In the mystery of this moment, in the water of the earth, God claimed you and marked you as Christ’s own forever. 

And so, when we gather in this place, and sit here between font and table- between the waters that give us life and the bread of life that feeds us, we remember who we are, and to whom we belong.

I read this week that we live in a homeless kind of time, a rootless, placeless kind of existence.  Our own homes are the places we stop off to sleep, passing others as they come and go, sometimes eating there but not always.  Our places of origin have mostly changed or disappeared, we’re always, it seems, on the move, in transition. 
To be people of hospitality, this author argued, we need a place from which to reach out and meet others. 
This is that place.  This is our home.  Not the physical location, but the claim of God on our lives- as the community that gathers in the love of God and shares the story of God, the water and bread and wine and prayer that summon us to find our selves again in the blessing of God.

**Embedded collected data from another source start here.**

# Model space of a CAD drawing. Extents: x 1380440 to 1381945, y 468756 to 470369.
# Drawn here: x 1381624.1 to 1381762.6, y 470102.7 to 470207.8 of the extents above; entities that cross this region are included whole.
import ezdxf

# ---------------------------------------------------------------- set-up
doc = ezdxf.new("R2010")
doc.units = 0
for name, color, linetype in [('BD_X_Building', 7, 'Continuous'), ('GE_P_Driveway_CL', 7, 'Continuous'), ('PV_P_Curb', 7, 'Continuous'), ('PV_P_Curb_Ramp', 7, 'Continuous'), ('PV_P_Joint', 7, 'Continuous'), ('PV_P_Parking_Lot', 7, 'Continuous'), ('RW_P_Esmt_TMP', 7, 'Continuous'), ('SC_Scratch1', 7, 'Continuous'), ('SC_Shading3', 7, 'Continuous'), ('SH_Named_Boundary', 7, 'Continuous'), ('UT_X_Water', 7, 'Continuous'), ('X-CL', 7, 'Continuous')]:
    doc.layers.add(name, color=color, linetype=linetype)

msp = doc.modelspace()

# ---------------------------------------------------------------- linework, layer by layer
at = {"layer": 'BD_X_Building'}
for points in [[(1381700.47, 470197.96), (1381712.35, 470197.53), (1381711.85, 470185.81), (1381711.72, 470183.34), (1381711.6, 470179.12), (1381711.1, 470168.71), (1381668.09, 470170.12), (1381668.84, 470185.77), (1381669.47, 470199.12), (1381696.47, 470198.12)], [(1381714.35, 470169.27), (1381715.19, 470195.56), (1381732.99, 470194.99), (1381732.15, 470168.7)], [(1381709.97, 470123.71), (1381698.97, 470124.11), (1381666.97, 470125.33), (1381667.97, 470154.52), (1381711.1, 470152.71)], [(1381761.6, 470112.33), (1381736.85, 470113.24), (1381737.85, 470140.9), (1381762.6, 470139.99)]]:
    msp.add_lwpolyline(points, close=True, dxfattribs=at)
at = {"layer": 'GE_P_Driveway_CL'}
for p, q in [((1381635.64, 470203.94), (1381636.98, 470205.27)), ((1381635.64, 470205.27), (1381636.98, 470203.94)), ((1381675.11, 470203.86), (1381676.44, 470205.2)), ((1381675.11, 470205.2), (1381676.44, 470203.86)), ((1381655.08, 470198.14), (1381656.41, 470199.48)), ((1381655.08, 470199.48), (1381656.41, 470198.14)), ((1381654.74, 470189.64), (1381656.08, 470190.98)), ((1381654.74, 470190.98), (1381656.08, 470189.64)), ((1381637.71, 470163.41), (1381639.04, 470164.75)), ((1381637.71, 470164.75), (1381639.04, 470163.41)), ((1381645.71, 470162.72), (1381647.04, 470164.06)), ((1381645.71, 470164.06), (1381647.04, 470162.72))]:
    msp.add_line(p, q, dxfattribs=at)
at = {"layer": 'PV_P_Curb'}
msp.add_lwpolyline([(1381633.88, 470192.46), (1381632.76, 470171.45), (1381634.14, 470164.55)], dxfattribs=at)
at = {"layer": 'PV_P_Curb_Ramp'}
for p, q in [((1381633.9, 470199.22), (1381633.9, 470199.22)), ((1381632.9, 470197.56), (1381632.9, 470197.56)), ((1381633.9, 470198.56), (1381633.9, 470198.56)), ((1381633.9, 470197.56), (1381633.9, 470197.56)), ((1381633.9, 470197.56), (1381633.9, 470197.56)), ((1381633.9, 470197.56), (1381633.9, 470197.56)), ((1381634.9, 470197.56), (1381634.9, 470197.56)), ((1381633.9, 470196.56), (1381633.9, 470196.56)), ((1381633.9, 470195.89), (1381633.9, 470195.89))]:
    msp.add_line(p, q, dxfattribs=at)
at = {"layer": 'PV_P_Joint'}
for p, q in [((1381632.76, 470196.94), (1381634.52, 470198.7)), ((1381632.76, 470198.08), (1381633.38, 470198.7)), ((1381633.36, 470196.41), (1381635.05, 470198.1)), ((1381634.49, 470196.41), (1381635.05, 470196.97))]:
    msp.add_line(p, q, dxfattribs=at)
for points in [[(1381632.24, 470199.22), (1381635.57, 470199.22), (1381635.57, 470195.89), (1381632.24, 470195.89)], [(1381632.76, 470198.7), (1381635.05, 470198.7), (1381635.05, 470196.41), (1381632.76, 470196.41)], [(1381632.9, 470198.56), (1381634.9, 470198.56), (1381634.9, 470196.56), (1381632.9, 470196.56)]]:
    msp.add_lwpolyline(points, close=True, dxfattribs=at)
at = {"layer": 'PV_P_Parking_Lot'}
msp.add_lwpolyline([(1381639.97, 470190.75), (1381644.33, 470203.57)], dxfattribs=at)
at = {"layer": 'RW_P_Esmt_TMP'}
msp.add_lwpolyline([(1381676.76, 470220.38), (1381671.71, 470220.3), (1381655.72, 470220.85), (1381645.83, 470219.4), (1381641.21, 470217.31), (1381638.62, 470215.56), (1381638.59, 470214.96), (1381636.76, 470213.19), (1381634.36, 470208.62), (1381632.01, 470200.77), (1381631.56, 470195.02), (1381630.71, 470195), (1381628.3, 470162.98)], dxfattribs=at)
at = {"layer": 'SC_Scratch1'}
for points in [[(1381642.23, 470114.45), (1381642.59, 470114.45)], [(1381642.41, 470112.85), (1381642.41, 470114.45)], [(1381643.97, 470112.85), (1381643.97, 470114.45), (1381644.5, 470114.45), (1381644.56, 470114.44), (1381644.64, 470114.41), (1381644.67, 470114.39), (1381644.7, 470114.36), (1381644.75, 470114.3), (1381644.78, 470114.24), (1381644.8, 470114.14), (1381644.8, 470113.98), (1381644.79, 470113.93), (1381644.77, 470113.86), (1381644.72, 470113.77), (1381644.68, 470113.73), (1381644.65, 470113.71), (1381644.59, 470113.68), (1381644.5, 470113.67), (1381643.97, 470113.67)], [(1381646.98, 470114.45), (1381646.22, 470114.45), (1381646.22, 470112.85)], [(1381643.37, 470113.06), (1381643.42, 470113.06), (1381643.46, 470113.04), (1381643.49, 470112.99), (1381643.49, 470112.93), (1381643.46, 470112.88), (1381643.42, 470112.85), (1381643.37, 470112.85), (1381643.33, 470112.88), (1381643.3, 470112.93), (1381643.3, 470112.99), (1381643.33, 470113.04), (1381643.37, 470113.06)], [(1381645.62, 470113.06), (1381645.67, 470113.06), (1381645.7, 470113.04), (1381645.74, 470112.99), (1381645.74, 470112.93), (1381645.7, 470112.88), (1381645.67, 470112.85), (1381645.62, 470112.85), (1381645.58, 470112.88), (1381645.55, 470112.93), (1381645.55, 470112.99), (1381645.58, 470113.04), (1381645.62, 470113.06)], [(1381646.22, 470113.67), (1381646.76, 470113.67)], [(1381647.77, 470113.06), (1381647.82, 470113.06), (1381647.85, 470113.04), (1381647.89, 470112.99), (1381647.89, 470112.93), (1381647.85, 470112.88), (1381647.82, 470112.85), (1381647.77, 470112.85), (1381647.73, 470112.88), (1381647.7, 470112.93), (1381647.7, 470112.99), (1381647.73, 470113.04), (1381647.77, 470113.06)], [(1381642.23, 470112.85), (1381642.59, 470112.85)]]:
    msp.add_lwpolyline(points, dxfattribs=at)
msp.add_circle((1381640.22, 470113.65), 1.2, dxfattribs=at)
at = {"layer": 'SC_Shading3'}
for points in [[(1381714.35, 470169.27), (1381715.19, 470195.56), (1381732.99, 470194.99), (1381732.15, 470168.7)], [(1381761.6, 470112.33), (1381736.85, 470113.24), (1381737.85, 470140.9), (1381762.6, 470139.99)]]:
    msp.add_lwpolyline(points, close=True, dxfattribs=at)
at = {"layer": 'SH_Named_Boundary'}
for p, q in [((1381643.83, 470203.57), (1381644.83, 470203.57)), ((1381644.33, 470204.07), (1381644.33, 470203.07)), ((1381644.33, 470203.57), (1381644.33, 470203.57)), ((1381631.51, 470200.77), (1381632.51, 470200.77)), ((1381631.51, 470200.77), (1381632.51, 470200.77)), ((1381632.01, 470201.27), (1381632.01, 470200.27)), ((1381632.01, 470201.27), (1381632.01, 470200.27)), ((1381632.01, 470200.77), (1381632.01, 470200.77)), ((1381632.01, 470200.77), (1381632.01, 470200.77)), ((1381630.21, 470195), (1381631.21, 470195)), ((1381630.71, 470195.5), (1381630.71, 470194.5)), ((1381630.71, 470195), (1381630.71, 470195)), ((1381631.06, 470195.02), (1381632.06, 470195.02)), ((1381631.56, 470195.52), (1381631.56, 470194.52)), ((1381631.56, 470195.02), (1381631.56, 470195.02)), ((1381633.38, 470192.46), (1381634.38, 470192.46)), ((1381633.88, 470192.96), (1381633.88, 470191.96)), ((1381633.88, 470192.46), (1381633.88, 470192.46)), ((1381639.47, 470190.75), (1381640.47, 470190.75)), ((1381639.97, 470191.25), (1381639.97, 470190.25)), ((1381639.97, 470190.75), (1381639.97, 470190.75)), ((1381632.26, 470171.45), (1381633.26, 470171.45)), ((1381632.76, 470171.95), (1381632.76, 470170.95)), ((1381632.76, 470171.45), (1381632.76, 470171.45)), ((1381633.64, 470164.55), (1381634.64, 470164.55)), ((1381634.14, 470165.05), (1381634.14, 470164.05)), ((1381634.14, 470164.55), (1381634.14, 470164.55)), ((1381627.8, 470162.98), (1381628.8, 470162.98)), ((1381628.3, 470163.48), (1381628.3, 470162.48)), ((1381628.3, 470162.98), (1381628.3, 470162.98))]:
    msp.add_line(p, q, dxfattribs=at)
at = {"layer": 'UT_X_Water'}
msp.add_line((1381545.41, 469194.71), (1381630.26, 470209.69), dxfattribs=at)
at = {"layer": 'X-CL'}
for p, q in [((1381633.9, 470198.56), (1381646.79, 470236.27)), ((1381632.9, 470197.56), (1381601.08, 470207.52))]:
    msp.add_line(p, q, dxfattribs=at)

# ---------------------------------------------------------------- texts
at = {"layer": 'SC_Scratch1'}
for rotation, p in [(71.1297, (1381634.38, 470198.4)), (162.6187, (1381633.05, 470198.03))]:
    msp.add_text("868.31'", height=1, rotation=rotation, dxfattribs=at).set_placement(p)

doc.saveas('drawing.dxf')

And so as we begin again, each year, in our own lives and in the life together of this congregation, we come back to the place of our beginning. Because whatever happens to you from here, whatever else in this world would try to claim you or name you, would try to tell you who you are and how you are defined, this truth remains and can never be removed:  You belong to the God who shares our place. We have been cleansed and claimed, blessed and named.  In life and in death, we belong to God.

This makes us brave and open, able to share our lives with others, able to enter into even their darkness and pain.  Being held in the love of God allows us to hold others there as well.

So come to the font where we are cleansed and claimed, blessed and named.  
Come to the table where we are fed and freed.  
Find here again your life, in the life of God lived for us and with us. 
Find here again your purpose, in the love of God lived in us and through us.

Thanks be to God.
Amen.


1 comment:

Katie Munnik said...

Good strong words and beautiful images. Thank you for this. I'm glad to find your writing here.